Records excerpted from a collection
____________

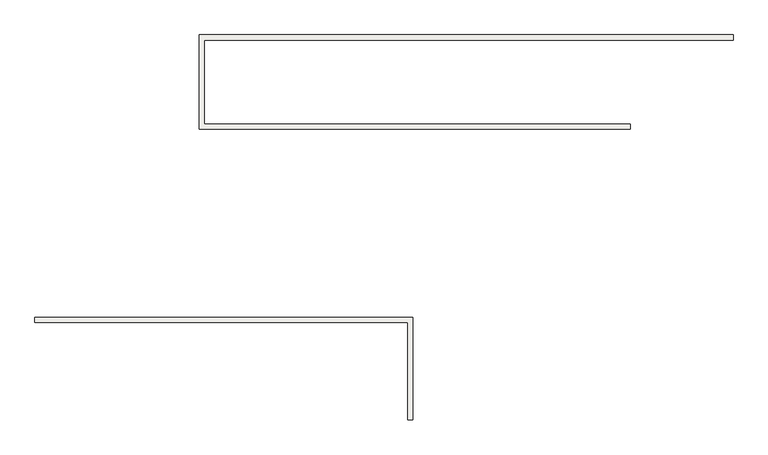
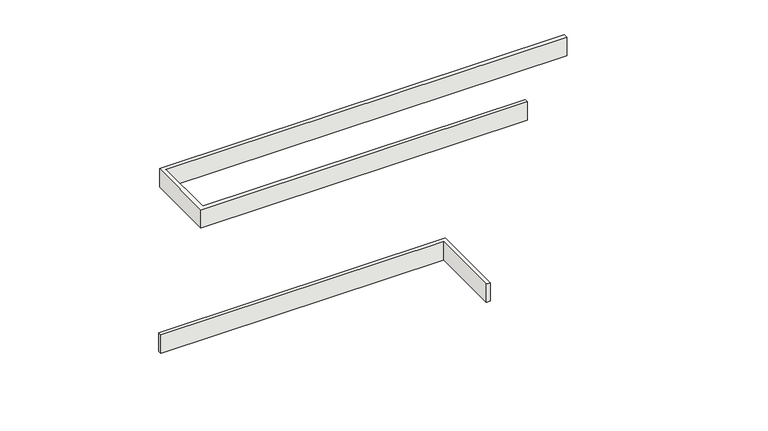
"""IFC4 building model written with IfcOpenShell, lengths in millimetres: roof geometry, banqueton2 : banqueton."""

import ifcopenshell
import ifcopenshell.guid

model = None  # the IFC model being written
_history = None  # IfcOwnerHistory: only IFC2X3 demands one
_inside = {}  # id of a spatial element -> (the spatial element, [elements in it])
_under = {}  # id of a project, library or spatial element -> (it, [spatial elements below it])
_declared = {}  # id of a project -> (the project, [libraries it declares])
_typed = {}  # id of a type object -> (the type object, [elements of that type])
_made_of = {}  # id of a material, layer set ... -> (it, [elements and type objects made of it])


def new_model(schema):
    """Start an empty IFC model of exactly this schema.

    Asked for "IFC4X3", IfcOpenShell would pick the latest addendum, in which some entities
    have other attributes; the version numbers below select the first issue.
    IFC2X3 requires an IfcOwnerHistory on every rooted entity: one is made here for all.
    """
    global model, _history
    if schema == "IFC4X3":
        model = ifcopenshell.file(schema_version=(4, 3, 0, 0))
    else:
        model = ifcopenshell.file(schema=schema)
    _inside.clear()
    _under.clear()
    _declared.clear()
    _typed.clear()
    _made_of.clear()
    _history = None
    if model.schema == "IFC2X3":
        org = make("IfcOrganization", Name="unknown")
        user = make(
            "IfcPersonAndOrganization",
            ThePerson=make("IfcPerson", FamilyName="unknown"),
            TheOrganization=org,
        )
        app = make(
            "IfcApplication",
            ApplicationDeveloper=org,
            Version="unknown",
            ApplicationFullName="unknown",
            ApplicationIdentifier="unknown",
        )
        _history = make(
            "IfcOwnerHistory",
            OwningUser=user,
            OwningApplication=app,
            ChangeAction="ADDED",
            CreationDate=0,
        )
    return model


def make(cls, **values):
    """One entity of the class cls with the attributes given. An attribute that is None is left unset."""
    return model.create_entity(
        cls, **{name: value for name, value in values.items() if value is not None}
    )


def rooted(cls, **values):
    """An entity with a GlobalId (a new one), such as an element, a storey or a relation."""
    return make(cls, GlobalId=ifcopenshell.guid.new(), OwnerHistory=_history, **values)


def si_unit(unit_type, name, prefix=None):
    """IfcSIUnit, for example si_unit("LENGTHUNIT", "METRE", prefix="MILLI")."""
    return make("IfcSIUnit", UnitType=unit_type, Prefix=prefix, Name=name)


def assignment(units):
    """IfcUnitAssignment: the units of a project."""
    return None if units is None else make("IfcUnitAssignment", Units=units)


def point(xyz):
    """IfcCartesianPoint."""
    return None if xyz is None else make("IfcCartesianPoint", Coordinates=xyz)


def direction(xyz):
    """IfcDirection."""
    return None if xyz is None else make("IfcDirection", DirectionRatios=xyz)


def frame(location, z_axis=None, x_axis=None):
    """IfcAxis2Placement3D, a coordinate frame: its origin and axes. An axis left out is left unset."""
    return make(
        "IfcAxis2Placement3D",
        Location=point(location),
        Axis=direction(z_axis),
        RefDirection=direction(x_axis),
    )


def origin():
    """The frame at (0, 0, 0) with its axes left unset."""
    return frame((0.0, 0.0, 0.0))


def origin_with_axes():
    """The frame at (0, 0, 0) with the z axis (0, 0, 1) and the x axis (1, 0, 0) written out."""
    return frame((0.0, 0.0, 0.0), z_axis=(0.0, 0.0, 1.0), x_axis=(1.0, 0.0, 0.0))


def place(relative_to, where):
    """IfcLocalPlacement: puts the frame where relative to a parent placement (None: the world)."""
    return make(
        "IfcLocalPlacement", PlacementRelTo=relative_to, RelativePlacement=where
    )


def context(
    kind, dimensions, precision=None, world=None, true_north=None, identifier=None
):
    """IfcGeometricRepresentationContext, for example the 3D "Model" context."""
    return make(
        "IfcGeometricRepresentationContext",
        ContextIdentifier=identifier,
        ContextType=kind,
        CoordinateSpaceDimension=dimensions,
        Precision=precision,
        WorldCoordinateSystem=world,
        TrueNorth=true_north,
    )


def project(units=None, contexts=None):
    """IfcProject with its units and contexts."""
    return rooted(
        "IfcProject",
        Name="project",
        RepresentationContexts=contexts,
        UnitsInContext=assignment(units),
    )


def spatial(cls, under=None, at=None, **own):
    """A site, building, storey or space (cls), placed at a placement, below another one or the project."""
    s = rooted(cls, ObjectPlacement=at, **own)
    if under is not None:
        _under.setdefault(under.id(), (under, []))[1].append(s)
    return s


def polyline(points):
    """IfcPolyline through the points."""
    return make("IfcPolyline", Points=[point(p) for p in points])


def outline(outer, holes=None, kind="AREA"):
    """IfcArbitraryClosedProfileDef: a profile drawn as a closed curve; with holes, ...WithVoids."""
    if holes is None:
        return make("IfcArbitraryClosedProfileDef", ProfileType=kind, OuterCurve=outer)
    return make(
        "IfcArbitraryProfileDefWithVoids",
        ProfileType=kind,
        OuterCurve=outer,
        InnerCurves=holes,
    )


def extrude(swept, where, along, depth):
    """IfcExtrudedAreaSolid: the profile swept, set in the frame where, extruded along a direction by depth."""
    return make(
        "IfcExtrudedAreaSolid",
        SweptArea=swept,
        Position=where,
        ExtrudedDirection=direction(along),
        Depth=depth,
    )


def shape(context_of_items, identifier, shape_type, items):
    """IfcShapeRepresentation: the items that make up one representation, for example the "Body"."""
    return make(
        "IfcShapeRepresentation",
        ContextOfItems=context_of_items,
        RepresentationIdentifier=identifier,
        RepresentationType=shape_type,
        Items=items,
    )


def source(mapping_origin, context_of_items, identifier, shape_type, items):
    """IfcRepresentationMap: a shape defined once, which mapped items show again and again."""
    return make(
        "IfcRepresentationMap",
        MappingOrigin=mapping_origin,
        MappedRepresentation=shape(context_of_items, identifier, shape_type, items),
    )


def transform(
    local_origin,
    x_axis=None,
    y_axis=None,
    z_axis=None,
    scale=None,
    scale2=None,
    scale3=None,
    uniform=True,
):
    """IfcCartesianTransformationOperator3D, or its non-uniform kind. x_axis, y_axis, z_axis: its Axis1, 2, 3."""
    if uniform:
        return make(
            "IfcCartesianTransformationOperator3D",
            Axis1=direction(x_axis),
            Axis2=direction(y_axis),
            LocalOrigin=point(local_origin),
            Scale=scale,
            Axis3=direction(z_axis),
        )
    return make(
        "IfcCartesianTransformationOperator3DnonUniform",
        Axis1=direction(x_axis),
        Axis2=direction(y_axis),
        LocalOrigin=point(local_origin),
        Scale=scale,
        Axis3=direction(z_axis),
        Scale2=scale2,
        Scale3=scale3,
    )


def mapped(mapping_source, mapping_target):
    """IfcMappedItem: shows the shape of a source again, moved by a transform."""
    return make(
        "IfcMappedItem", MappingSource=mapping_source, MappingTarget=mapping_target
    )


def made_of(thing, what):
    """Note that an element or type object is made of a material, layer set ...; save() writes the relation."""
    if what is not None:
        _made_of.setdefault(what.id(), (what, []))[1].append(thing)
    return thing


def element(
    cls,
    number,
    at=None,
    inside=None,
    cuts=None,
    type_object=None,
    material=None,
    context=None,
    identifier="Body",
    shape_type=None,
    held_by="IfcProductDefinitionShape",
    body=None,
    shapes=None,
    **own,
):
    """One element of the class cls, such as IfcWall. Its Tag is "e" and its number.

    at: its placement. inside: the storey or other place that contains it. cuts: it is an
    opening in that element (IfcRelVoidsElement). A single representation is given by context,
    identifier, shape_type and body (its items); several are given by shapes. held_by: the class
    of the entity that holds the representations. save() writes the other relations.
    """
    e = rooted(cls, Tag="e%d" % number, ObjectPlacement=at, **own)
    if body is not None:
        shapes = [shape(context, identifier, shape_type, body)]
    if shapes is not None:
        e.Representation = make(held_by, Representations=shapes)
    if inside is not None:
        _inside.setdefault(inside.id(), (inside, []))[1].append(e)
    if cuts is not None:
        rooted(
            "IfcRelVoidsElement", RelatingBuildingElement=cuts, RelatedOpeningElement=e
        )
    if type_object is not None:
        _typed.setdefault(type_object.id(), (type_object, []))[1].append(e)
    return made_of(e, material)


def aggregate(whole, parts):
    """IfcRelAggregates: a whole, such as a stair, and the parts it consists of."""
    return rooted("IfcRelAggregates", RelatingObject=whole, RelatedObjects=parts)


def save(model, path):
    """Write the relations noted so far, then the file.

    IfcRelAggregates (storeys below a building ...), IfcRelContainedInSpatialStructure (elements
    in a storey), IfcRelDefinesByType, IfcRelAssociatesMaterial and IfcRelDeclares: one each for
    every whole, place, type object, material and project.
    """
    for whole, parts in _under.values():
        aggregate(whole, parts)
    for where, things in _inside.values():
        rooted(
            "IfcRelContainedInSpatialStructure",
            RelatedElements=things,
            RelatingStructure=where,
        )
    for kind, things in _typed.values():
        rooted("IfcRelDefinesByType", RelatedObjects=things, RelatingType=kind)
    for what, things in _made_of.values():
        rooted("IfcRelAssociatesMaterial", RelatedObjects=things, RelatingMaterial=what)
    for by, libraries in _declared.values():
        rooted("IfcRelDeclares", RelatingContext=by, RelatedDefinitions=libraries)
    model.write(path)


def roof_d96188d7(model_context):
    return source(origin(), model_context, "Body", "SweptSolid", [
        extrude(outline(polyline([(53661.3794626, 31295.3489273), (53661.3794626, 31265.3489273), (50574.4822189, 31265.3489273), (50574.4822189, 30774.0100923), (53059.4822189, 30774.0100923), (53059.4822189, 30744.0100923), (50544.4822189, 30744.0100923), (50544.4822189, 31295.3489273), (53661.3794626, 31295.3489273)])), origin_with_axes(), (0.0, 0.0, 1.0), 150.0),
        extrude(outline(polyline([(51790.7527484, 29044.0100923), (51760.7527484, 29044.0100923), (51760.7527484, 29614.0100923), (49584.5059119, 29614.0100923), (49584.5059119, 29644.0100923), (51790.7527484, 29644.0100923), (51790.7527484, 29044.0100923)])), origin_with_axes(), (0.0, 0.0, 1.0), 150.0),
    ])


if __name__ == "__main__":
    model = new_model("IFC4")
    model_context = context("Model", 3, world=origin())
    ifc_project = project(units=[si_unit("LENGTHUNIT", "METRE", prefix="MILLI")], contexts=[model_context])
    site = spatial("IfcSite", under=ifc_project)
    building = spatial("IfcBuilding", under=site)
    placement = place(None, origin())
    roof_shape = roof_d96188d7(model_context)
    element("IfcRoof", 1, ObjectType="banqueton2 : banqueton", at=placement, inside=building, context=model_context, shape_type="MappedRepresentation", body=[
        mapped(roof_shape, transform((0.0, 0.0, 0.0), x_axis=(1.0, 0.0, 0.0), y_axis=(0.0, 1.0, 0.0), z_axis=(0.0, 0.0, 1.0))),
    ])
    save(model, "model.ifc")

____________

Please reproduce the entries above exactly, from their first line to the line holding "model = None" inclusive, and nothing else; the pictures stay out.

RESPONSE TO THIS EXERCISE.
"""IFC4 building model written with IfcOpenShell, lengths in millimetres: roof geometry, banqueton2 : banqueton."""

import ifcopenshell
import ifcopenshell.guid

model = None  # the IFC model being written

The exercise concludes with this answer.